This looks pretty interesting, although I'll have to dig more into the examples to see why they chose this set of primitives (multipipes, multipipe blocks, and stored values).
Here is a 2009 paper, "Composing and executing parallel data-flow graphs with shell pipes", which is also a bash extension. (I'm impressed with anyone who successfully enhances bash's source code.)
Although it has a completely different model and I think more suitable for "big data".
I've always thought about integrating this functionality into elvish https://github.com/elves/elvish but cannot cone up with a good syntax. dgsh has a good one, but unfortunately using & breaks its traditional semantics. Does anyone has some idea of a tradition-compatible grammar?
Also, to nitpick, this is more accurately called a directed acyclic graph shell, or simply a DAG shell. The language doesn't seem to allow cycles. dagsh reads nicer than dgsh too.
I've worked with and looked at a lot of data processing helpers. Tools, that try to help you build data pipelines, for the sake of performance, reproducibility or simply code uniformity.
What I found so far: Most tools, that invent a new language or try to cram complex processes into lesser suited syntactical environments are not loved too much.
A few people like XSLT, most seem to dislike it, although it has a nice functional core hidden under a syntax that seems to come from a time, where the answer to everything was XML. There are big data orchestration frameworks, that use an XML as configuration language, which can be ok, if you have clear processing steps.
Every time a tool invents a DSL for data processing, I grab my list of ugly real world use cases and most of the tools fail soon, if not immediately. That's a pity.
Programming languages can be effective as they are, and with the exceptions that unclean data brings, you want to have a programming language at your disposal anyway.

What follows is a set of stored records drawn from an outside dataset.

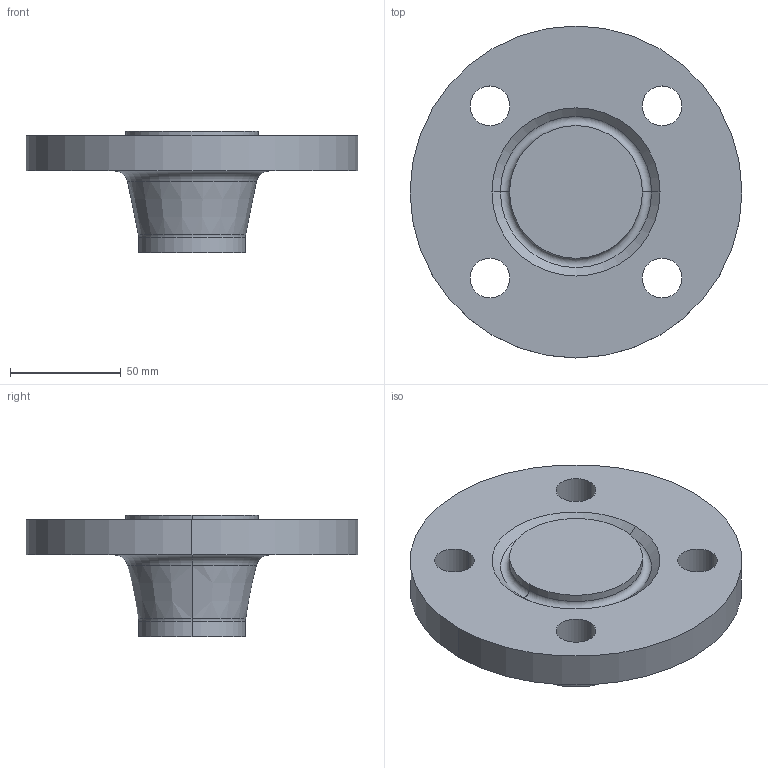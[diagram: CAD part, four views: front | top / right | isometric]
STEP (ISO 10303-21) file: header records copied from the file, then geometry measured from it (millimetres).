
FILE_DESCRIPTION (( 'STEP AP214' ), '1' );
FILE_NAME ('PN40 DN40 Type 21(ii) - Type H Face.STEP', '2018-12-30T01:18:50', ( '' ), ( '' ), 'SwSTEP 2.0', 'SolidWorks 2019', '' );
FILE_SCHEMA (( 'AUTOMOTIVE_DESIGN' ));
Length unit declared in the file: millimetre
Products named in the file (1): PN40 DN40 Type 21(ii) - Type H Face
Bounding box: 150 x 150 x 55 mm (x, y, z)
Volume: 350705.9 mm3; surface area: 50680.8 mm2
Topology: 1 solids, 1 shells, 28 faces, 62 edges, 38 vertices
Faces by surface type: cylinder 14, torus 6, cone 4, plane 4
Entity records: 840 total; most frequent: DIRECTION 164, CARTESIAN_POINT 129, ORIENTED_EDGE 124, AXIS2_PLACEMENT_3D 73, EDGE_CURVE 62, CIRCLE 44, VERTEX_POINT 38, EDGE_LOOP 38

I'll give dgsh a try. The tool reuse approach and the UNIX spirit seems nice. But my initial impression of the "C code metrics" example from the site is mixed: It reminds me of awk, about which one of the authors said, that it's a beautiful language, but if your programs getting longer than hundred lines, you might want to switch to something else.
Two libraries which have a great grip at the plumbing aspect of data processing systems are airflow and luigi. They are python libraries and with it you have a concise syntax and basically all python libraries plus non-python tools with a command line interface at you fingertips.
I am curious, what kind of process orchestration tools people use and can recommend?
Exactly our experience too, from complex machine learning workflows in various aspects of drug discovery.
We basically did not really find any of the popular DSL-based bioinformatics pipeline tools (snakemake, bpipe etc) to fit the bill. Nextflow came close, but in fact allows quite some custom code too.
What worked for us was to use Spotify's Luigi, which is a python library rather than DSL.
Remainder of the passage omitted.